# 1934 Elgin restored value and restore cost question!



## Goob83 (Dec 21, 2015)

Ser 136037
Model 502 189
SE
Supposedly means 1934 made in Ohio
Number 189 of 220
Can you confirm 
Is there any value restored? I am guessing it will cost me 1200 or so to have redone. I don't want to redo if bike will not be valued at my repair cost. 
What if any opinions do we have here!


----------



## catfish (Dec 21, 2015)

Post some photos. That would help people give you a better idea.


----------



## Goob83 (Dec 21, 2015)

catfish said:


> Post some photos. That would help people give you a better idea.




It won't let me post photos here for some reason I sent u a picture


----------



## Goob83 (Dec 21, 2015)

Why can I not post pictures


----------



## catfish (Dec 21, 2015)

IMO it would be a waste of time and money to restore this bike. You could buy a realy nice original paint girls bike for that kind of money.


----------



## catfish (Dec 21, 2015)

You haven't made enough posts on the CABE yet. I posted your photo for you.




Goob83 said:


> Why can I not post pictures


----------



## Goob83 (Dec 21, 2015)

I was told this was holy grail of girls bikes and worth thousands of restored original again I was told and that is why I am here seeking info. You can buy them but not a 34 502 all original with skirts


----------



## catfish (Dec 21, 2015)

No, this is a very commom bike.  



Goob83 said:


> I was told this was holy grail of girls bikes and worth thousands of restored original again I was told and that is why I am here seeking info. You can buy them but not a 34 502 all original with skirts


----------



## catfish (Dec 21, 2015)

This is the girls bike that you want. Elgin Skylark.


----------



## Goob83 (Dec 21, 2015)

catfish said:


> This is the girls bike that you want. Elgin Skylark.

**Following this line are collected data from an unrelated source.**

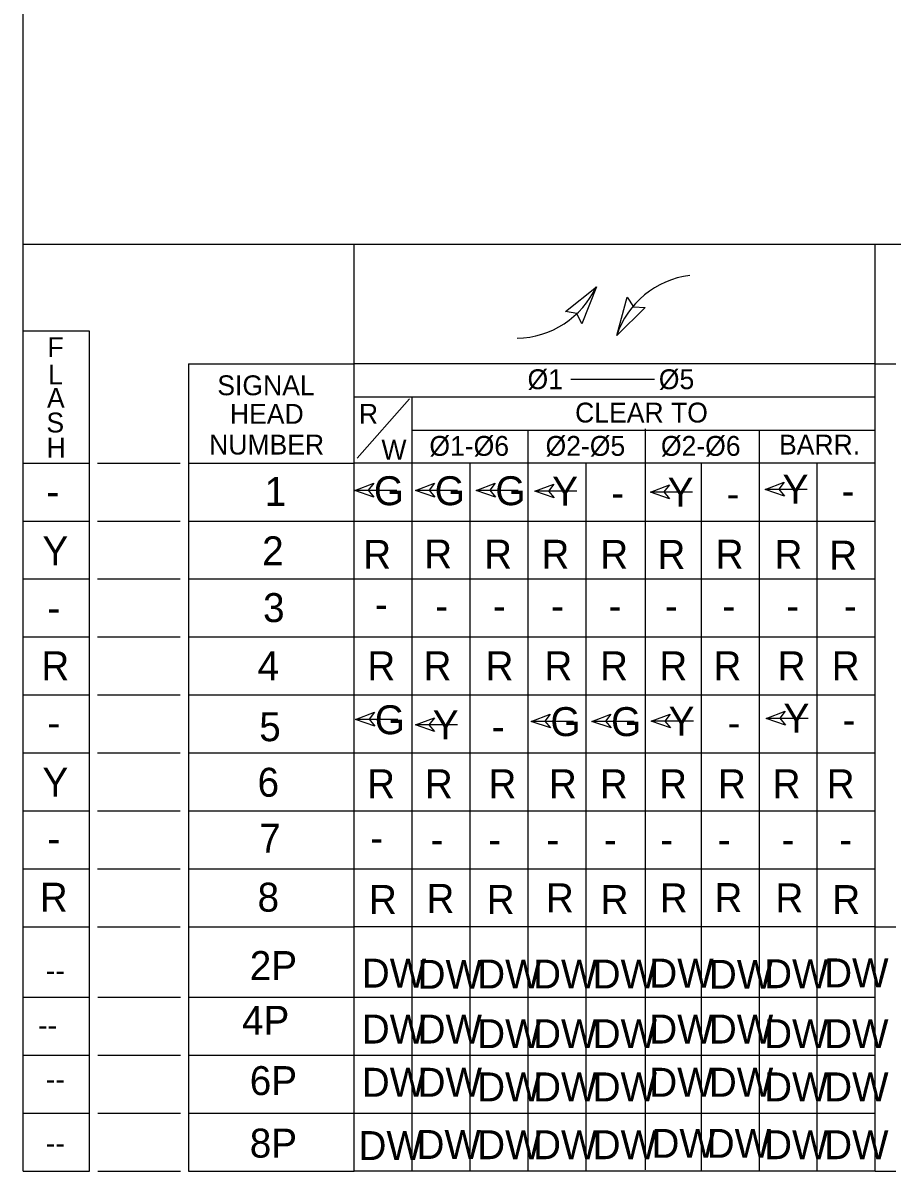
# Model space of a CAD drawing. Extents: x 0 to 3.01, y -0.05 to 1.83.
# Drawn here: x 2.2984 to 2.5103, y 1.2634 to 1.5432 of the extents above; entities that cross this region are included whole.
import ezdxf

# ---------------------------------------------------------------- set-up
doc = ezdxf.new("R2010")
doc.units = 0
for name, color, linetype in [('TR_TS_Border', 7, 'Continuous'), ('TR_TS_Phase1', 7, 'Continuous'), ('TR_TS_Phase2', 7, 'Continuous'), ('TR_TS_Phase3', 7, 'Continuous'), ('TR_TS_Phase4', 7, 'Continuous'), ('TR_TS_Phase5', 7, 'Continuous'), ('TR_TS_Phase6', 7, 'Continuous'), ('TR_TS_Phase7', 7, 'Continuous'), ('TR_TS_Phase8', 7, 'Continuous')]:
    doc.layers.add(name, color=color, linetype=linetype)

msp = doc.modelspace()

# ---------------------------------------------------------------- linework, layer by layer
at = {"layer": 'TR_TS_Border'}
for p, q in [((2.2983729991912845, 1.6927997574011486), (2.2983729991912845, 1.2634424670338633)), ((2.9074756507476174, 1.4891940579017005), (2.2983729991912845, 1.4891940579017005)), ((2.3790452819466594, 1.489194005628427), (2.3790452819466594, 1.2634422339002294)), ((2.506117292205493, 1.4891941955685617), (2.506117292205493, 1.2634424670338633)), ((2.2983729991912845, 1.4681904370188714), (2.31450758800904, 1.4681904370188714)), ((2.31450758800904, 1.4681904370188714), (2.31450758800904, 1.2634424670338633)), ((2.3387092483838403, 1.4601230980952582), (2.3790452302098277, 1.4601230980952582)), ((2.3387092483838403, 1.4601230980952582), (2.3387092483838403, 1.2634424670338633)), ((2.506117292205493, 1.4601230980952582), (2.3790452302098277, 1.4601230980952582)), ((2.506117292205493, 1.4601230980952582), (2.511179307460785, 1.4601230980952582)), ((2.431951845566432, 1.4563796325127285), (2.4523735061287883, 1.4563796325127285)), ((2.3790452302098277, 1.4520558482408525), (2.506117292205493, 1.4520558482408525)), ((2.3931761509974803, 1.4520558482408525), (2.3931761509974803, 1.2634424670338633)), ((2.379888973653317, 1.4371341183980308), (2.3925961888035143, 1.4515814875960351)), ((2.3931761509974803, 1.4439888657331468), (2.506117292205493, 1.4439888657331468)), ((2.421463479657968, 1.4439888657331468), (2.421463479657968, 1.2634424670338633)), ((2.450122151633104, 1.444253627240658), (2.450122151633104, 1.2637072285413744)), ((2.477908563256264, 1.4439888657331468), (2.477908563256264, 1.2634424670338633)), ((2.2983729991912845, 1.4359214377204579), (2.31450758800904, 1.4359214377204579)), ((2.316563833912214, 1.4359214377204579), (2.3367054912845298, 1.4359214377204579)), ((2.3387092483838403, 1.4359214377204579), (2.3790452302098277, 1.4359214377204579)), ((2.506117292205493, 1.4359214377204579), (2.3790452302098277, 1.4359214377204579)), ((2.4073326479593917, 1.4359214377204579), (2.4073326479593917, 1.2634424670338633)), ((2.435594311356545, 1.4359214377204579), (2.435594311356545, 1.2634424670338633)), ((2.463777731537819, 1.4359214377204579), (2.463777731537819, 1.2634424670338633)), ((2.4919864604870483, 1.4359214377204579), (2.4919864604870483, 1.2634424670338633)), ((2.2983729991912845, 1.4217904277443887), (2.31450758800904, 1.4217904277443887)), ((2.316563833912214, 1.4217904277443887), (2.3367054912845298, 1.4217904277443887)), ((2.3387092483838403, 1.4217904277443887), (2.506117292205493, 1.4217904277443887)), ((2.2983729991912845, 1.4077126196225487), (2.31450758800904, 1.4077126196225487)), ((2.316563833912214, 1.4077126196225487), (2.3367054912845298, 1.4077126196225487)), ((2.3387092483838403, 1.4077126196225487), (2.506117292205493, 1.4077126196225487)), ((2.2983729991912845, 1.39358169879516), (2.31450758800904, 1.39358169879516)), ((2.316563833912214, 1.39358169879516), (2.3367054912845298, 1.39358169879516)), ((2.3387092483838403, 1.39358169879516), (2.506117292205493, 1.39358169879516)), ((2.2983729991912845, 1.3794506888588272), (2.31450758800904, 1.3794506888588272)), ((2.316563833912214, 1.3794506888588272), (2.3367054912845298, 1.3794506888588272)), ((2.3387092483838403, 1.3794506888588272), (2.506117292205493, 1.3794506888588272)), ((2.2983729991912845, 1.365372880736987), (2.31450758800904, 1.365372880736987)), ((2.316563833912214, 1.365372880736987), (2.3367054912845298, 1.365372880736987)), ((2.3387092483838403, 1.365372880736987), (2.506117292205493, 1.365372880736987)), ((2.2983729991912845, 1.3512419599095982), (2.31450758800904, 1.3512419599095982)), ((2.316563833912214, 1.3512419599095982), (2.3367054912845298, 1.3512419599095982)), ((2.3387092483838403, 1.3512419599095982), (2.506117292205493, 1.3512419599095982)), ((2.2983729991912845, 1.3371109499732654), (2.31450758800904, 1.3371109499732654)), ((2.316563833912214, 1.3371109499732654), (2.3367054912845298, 1.3371109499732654)), ((2.3387092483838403, 1.3371109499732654), (2.506117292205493, 1.3371109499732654)), ((2.2983729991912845, 1.3229801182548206), (2.31450758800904, 1.3229801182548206)), ((2.316563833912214, 1.3229801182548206), (2.3367054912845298, 1.3229801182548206)), ((2.3387092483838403, 1.3229801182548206), (2.3790452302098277, 1.3229801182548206)), ((2.506117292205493, 1.3229801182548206), (2.3790452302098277, 1.3229801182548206)), ((2.506117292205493, 1.3229801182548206), (2.511179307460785, 1.3229801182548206)), ((2.298446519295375, 1.3058350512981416), (2.3145809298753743, 1.3058350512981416)), ((2.3166371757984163, 1.3058350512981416), (2.3367790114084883, 1.3058350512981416)), ((2.3387825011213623, 1.3058350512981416), (2.5061908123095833, 1.3058350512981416)), ((2.298446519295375, 1.2917041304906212), (2.3145809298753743, 1.2917041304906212)), ((2.3166371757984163, 1.2917041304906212), (2.3367790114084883, 1.2917041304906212)), ((2.3387825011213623, 1.2917041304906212), (2.5061908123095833, 1.2917041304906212)), ((2.298446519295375, 1.2775732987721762), (2.3145809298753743, 1.2775732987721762)), ((2.3166371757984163, 1.2775732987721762), (2.3367790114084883, 1.2775732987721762)), ((2.3387825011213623, 1.2775732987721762), (2.5061908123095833, 1.2775732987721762)), ((2.298446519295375, 1.2634424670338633), (2.3145809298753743, 1.2634424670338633)), ((2.3166371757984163, 1.2634424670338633), (2.3367790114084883, 1.2634424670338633)), ((2.3387825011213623, 1.2634424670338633), (2.379118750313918, 1.2634424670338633)), ((2.5061908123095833, 1.2634424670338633), (2.379118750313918, 1.2634424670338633)), ((2.5061908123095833, 1.2634424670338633), (2.5112527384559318, 1.2634424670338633))]:
    msp.add_line(p, q, dxfattribs=at)
at = {"layer": 'TR_TS_Phase1'}
for p, q in [((2.443227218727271, 1.4670472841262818), (2.4457458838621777, 1.4764021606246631)), ((2.4457458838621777, 1.4764021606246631), (2.4472570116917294, 1.474027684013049)), ((2.4500635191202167, 1.4738835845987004), (2.443227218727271, 1.4670472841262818)), ((2.4472570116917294, 1.474027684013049), (2.4500635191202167, 1.4738835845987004)), ((2.3792730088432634, 1.429266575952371), (2.3839074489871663, 1.4310291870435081)), ((2.3839074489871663, 1.4310291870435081), (2.382578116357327, 1.429325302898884)), ((2.394104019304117, 1.429266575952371), (2.398738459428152, 1.4310291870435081)), ((2.398738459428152, 1.4310291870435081), (2.3974091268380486, 1.429325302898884)), ((2.4088973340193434, 1.429266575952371), (2.4135318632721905, 1.4310291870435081)), ((2.4135318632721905, 1.4310291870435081), (2.4122024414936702, 1.429325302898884)), ((2.4232014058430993, 1.429071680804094), (2.4278357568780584, 1.4308344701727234)), ((2.4278357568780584, 1.4308344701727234), (2.4265065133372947, 1.4291304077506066)), ((2.451357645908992, 1.4288440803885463), (2.4559920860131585, 1.4306066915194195)), ((2.4559920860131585, 1.4306066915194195), (2.4546627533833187, 1.4289028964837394)), ((2.479378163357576, 1.4295275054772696), (2.484012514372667, 1.4312901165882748)), ((2.489639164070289, 1.4295275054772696), (2.479378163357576, 1.4295275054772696)), ((2.4840565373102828, 1.4279189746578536), (2.479378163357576, 1.4295275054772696)), ((2.484012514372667, 1.4312901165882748), (2.4826832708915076, 1.4295862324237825)), ((2.4826832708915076, 1.4295862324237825), (2.4840565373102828, 1.4279189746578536)), ((2.389534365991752, 1.429266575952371), (2.3792730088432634, 1.429266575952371)), ((2.383951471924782, 1.4276580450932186), (2.3792730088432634, 1.429266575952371)), ((2.382578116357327, 1.429325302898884), (2.383951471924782, 1.4276580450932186)), ((2.404365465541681, 1.429266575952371), (2.394104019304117, 1.429266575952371)), ((2.3987824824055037, 1.4276580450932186), (2.394104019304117, 1.429266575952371)), ((2.3974091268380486, 1.429325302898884), (2.3987824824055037, 1.4276580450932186)), ((2.4191586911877, 1.429266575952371), (2.4088973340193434, 1.429266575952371)), ((2.4135758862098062, 1.4276580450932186), (2.4088973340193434, 1.429266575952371)), ((2.4122024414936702, 1.429325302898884), (2.4135758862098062, 1.4276580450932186)), ((2.4334624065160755, 1.429071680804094), (2.4232014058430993, 1.429071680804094)), ((2.427879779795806, 1.4274633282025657), (2.4232014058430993, 1.429071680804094)), ((2.4265065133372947, 1.4291304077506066), (2.427879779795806, 1.4274633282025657)), ((2.46161873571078, 1.4288440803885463), (2.451357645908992, 1.4288440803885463)), ((2.456036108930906, 1.4272355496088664), (2.451357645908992, 1.4288440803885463)), ((2.4546627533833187, 1.4289028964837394), (2.456036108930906, 1.4272355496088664))]:
    msp.add_line(p, q, dxfattribs=at)
msp.add_arc((2.4636753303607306, 1.4602126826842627), 0.021617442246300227, 97.19140000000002, 161.63656666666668, dxfattribs=at)
at = {"layer": 'TR_TS_Phase5'}
for p, q in [((2.430661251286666, 1.4728688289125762), (2.4382011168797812, 1.4789204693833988)), ((2.4382011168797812, 1.4789204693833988), (2.434679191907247, 1.4698954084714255)), ((2.4334351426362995, 1.4724204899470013), (2.430661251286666, 1.4728688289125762)), ((2.434679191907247, 1.4698954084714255), (2.4334351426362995, 1.4724204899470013)), ((2.379500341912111, 1.3734607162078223), (2.3841347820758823, 1.3752235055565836)), ((2.3841347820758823, 1.3752235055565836), (2.382805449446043, 1.3735194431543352)), ((2.3940697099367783, 1.37212728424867), (2.398704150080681, 1.3738898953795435)), ((2.398704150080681, 1.3738898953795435), (2.397374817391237, 1.3721861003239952)), ((2.422325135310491, 1.3730050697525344), (2.426959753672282, 1.3747678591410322)), ((2.426959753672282, 1.3747678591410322), (2.4256302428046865, 1.3730637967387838)), ((2.4371185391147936, 1.3730050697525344), (2.4417531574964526, 1.3747678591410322)), ((2.4417531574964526, 1.3747678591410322), (2.4404236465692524, 1.3730637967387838)), ((2.4515850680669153, 1.3730382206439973), (2.456219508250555, 1.3748010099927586)), ((2.456219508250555, 1.3748010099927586), (2.454890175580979, 1.3730970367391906)), ((2.479605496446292, 1.3737216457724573), (2.4842399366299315, 1.375484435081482)), ((2.4898665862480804, 1.3737216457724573), (2.479605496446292, 1.3737216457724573)), ((2.4842839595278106, 1.3721131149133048), (2.479605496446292, 1.3737216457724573)), ((2.4842399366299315, 1.375484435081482), (2.4829106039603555, 1.3737803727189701)), ((2.4829106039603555, 1.3737803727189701), (2.4842839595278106, 1.3721131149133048)), ((2.3897617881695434, 1.3734607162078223), (2.379500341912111, 1.3734607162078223)), ((2.384178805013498, 1.3718523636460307), (2.379500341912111, 1.3734607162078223)), ((2.382805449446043, 1.3735194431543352), (2.384178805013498, 1.3718523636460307)), ((2.4043307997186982, 1.37212728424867), (2.3940697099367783, 1.37212728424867)), ((2.398748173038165, 1.3705187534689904), (2.3940697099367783, 1.37212728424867)), ((2.397374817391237, 1.3721861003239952), (2.398748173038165, 1.3705187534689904)), ((2.4325865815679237, 1.3730050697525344), (2.422325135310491, 1.3730050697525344)), ((2.4270037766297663, 1.3713965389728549), (2.422325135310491, 1.3730050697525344)), ((2.4256302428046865, 1.3730637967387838), (2.4270037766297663, 1.3713965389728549)), ((2.4473799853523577, 1.3730050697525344), (2.4371185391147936, 1.3730050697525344)), ((2.4417971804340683, 1.3713965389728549), (2.4371185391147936, 1.3730050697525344)), ((2.4404236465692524, 1.3730637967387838), (2.4417971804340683, 1.3713965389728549)), ((2.4618461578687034, 1.3730382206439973), (2.4515850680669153, 1.3730382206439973)), ((2.456263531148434, 1.3714296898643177), (2.4515850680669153, 1.3730382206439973)), ((2.454890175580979, 1.3730970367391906), (2.456263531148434, 1.3714296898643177))]:
    msp.add_line(p, q, dxfattribs=at)
msp.add_arc((2.4185162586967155, 1.4879885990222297), 0.021617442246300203, 270.9422666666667, 335.3874333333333, dxfattribs=at)

# ---------------------------------------------------------------- texts
at = {"layer": 'TR_TS_Border'}
for s, height, p in [('F', 0.004840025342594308, (2.304358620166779, 1.461756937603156)), ('L', 0.004840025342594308, (2.304483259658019, 1.4551132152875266)), ('Ø1             Ø5', 0.0048400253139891, (2.4214199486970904, 1.4539533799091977)), ('SIGNAL', 0.004840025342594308, (2.3457735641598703, 1.4524770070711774)), ('A', 0.004840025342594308, (2.304238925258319, 1.4494186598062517)), ('HEAD', 0.004840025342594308, (2.3488477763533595, 1.445516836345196)), ('R', 0.004840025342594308, (2.3802960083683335, 1.445516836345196)), ('CLEAR TO', 0.004840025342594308, (2.4330137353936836, 1.445833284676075)), ('S', 0.004840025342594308, (2.3040980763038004, 1.4434078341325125)), ('H', 0.004840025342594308, (2.3041231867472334, 1.437291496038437)), ('NUMBER', 0.004840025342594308, (2.3437709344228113, 1.438029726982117)), ('W', 0.004840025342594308, (2.385790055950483, 1.4368168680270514)), ('Ø1-Ø6', 0.004840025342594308, (2.39748467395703, 1.4377132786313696)), ('Ø2-Ø5', 0.004840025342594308, (2.4258099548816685, 1.4377132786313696)), ('Ø2-Ø6', 0.004840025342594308, (2.4539404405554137, 1.4377132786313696)), ('BARR.', 0.004840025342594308, (2.4827314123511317, 1.438029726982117))]:
    msp.add_text(s, height=height, rotation=360, dxfattribs=at).set_placement(p)
at = {"layer": 'TR_TS_Phase1'}
for s, p in [('1', (2.3573268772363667, 1.4255008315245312)), ('G', (2.3839499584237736, 1.4256844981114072)), ('G', (2.3987814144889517, 1.4256844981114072)), ('G', (2.4135748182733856, 1.4256844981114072)), ('Y', (2.4274309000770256, 1.4255827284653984)), ('Y', (2.4555873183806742, 1.4253552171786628)), ('Y', (2.4836076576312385, 1.426038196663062)), ('-', (2.3040972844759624, 1.4255008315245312)), ('-', (2.4418011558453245, 1.4252290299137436)), ('-', (2.4699575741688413, 1.4250015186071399)), ('-', (2.497977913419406, 1.4256844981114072))]:
    msp.add_text(s, height=0.007050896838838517, dxfattribs=at).set_placement(p)
at = {"layer": 'TR_TS_Phase2'}
for s, p in [('Y', (2.303127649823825, 1.4110400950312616)), ('2', (2.356703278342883, 1.4110400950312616))]:
    msp.add_text(s, height=0.007050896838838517, rotation=360, dxfattribs=at).set_placement(p)
for s, height, p in [('R', 0.007050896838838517, (2.381338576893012, 1.410179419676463)), ('R', 0.007050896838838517, (2.396208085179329, 1.4102638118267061)), ('R', 0.007050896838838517, (2.410811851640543, 1.4102436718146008)), ('R', 0.007050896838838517, (2.4248000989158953, 1.410204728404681)), ('R', 0.007050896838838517, (2.4391508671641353, 1.4101844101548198)), ('R', 0.007050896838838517, (2.453096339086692, 1.4101705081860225)), ('R', 0.007050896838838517, (2.467278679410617, 1.4102344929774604)), ('R', 0.007050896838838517, (2.4816307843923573, 1.410179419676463)), ('R', 0.007050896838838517, (2.494970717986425, 1.4099906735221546)), ('2P', 0.007050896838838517, (2.3536801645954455, 1.3099869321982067)), ('DW', 0.007050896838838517, (2.38099742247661, 1.3081454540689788)), ('DW', 0.007050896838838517, (2.3946009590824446, 1.3078440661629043)), ('DW', 0.007050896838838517, (2.40912897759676, 1.3079223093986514)), ('DW', 0.007050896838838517, (2.4227583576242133, 1.3079223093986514)), ('DW', 0.007050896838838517, (2.4372864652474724, 1.3079223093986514)), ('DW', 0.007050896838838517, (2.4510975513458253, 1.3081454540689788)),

That one nice too. But I disagree about the one I have being common we spent 5 days researchin and did not find another like it and you won't because it is a custom and I know it is all there cause family that owned it says it came this way nothing missing but seat it never had back rack again, I am not a bike guy so seeking info but three bike guys that told me to come here are salivating over it and pushing me to spend big money to restore but I need to know values maybe I can just make it a riding restore and leave it Rusty


----------



## Balloontyre (Dec 21, 2015)

Goob83 said:


> That one nice too. But I disagree about the one I have being common we spent 5 days researchin and did not find another like it and you won't because it is a custom and I know it is all there cause family that owned it says it came this way nothing missing but seat it never had back rack again, I am not a bike guy so seeking info but three bike guys that told me to come here are salivating over it and pushing me to spend big money to restore but I need to know values maybe I can just make it a riding restore and leave it Rusty




COMMON BIKE. Top value $1000 as a original unrestored in good condition,  a restored version would be less $$$$. The bike is later than 1934.


----------



## dfa242 (Dec 21, 2015)

Goob83 said:


> That one nice too. But I disagree about the one I have being common we spent 5 days researchin and did not find another like it and you won't because it is a custom and I know it is all there cause family that owned it says it came this way nothing missing but seat it never had back rack again, I am not a bike guy so seeking info but three bike guys that told me to come here are salivating over it and pushing me to spend big money to restore but I need to know values maybe I can just make it a riding restore and leave it Rusty




This is a very common late '30s or 1940 Elgin - just do a quick Google search and you'll find many examples.


----------



## Goob83 (Dec 21, 2015)

Balloontyre said:


> COMMON BIKE. Top value $1000 as a original unrestored in good condition,  a restored version would be less $$$$. The bike is later than 1934.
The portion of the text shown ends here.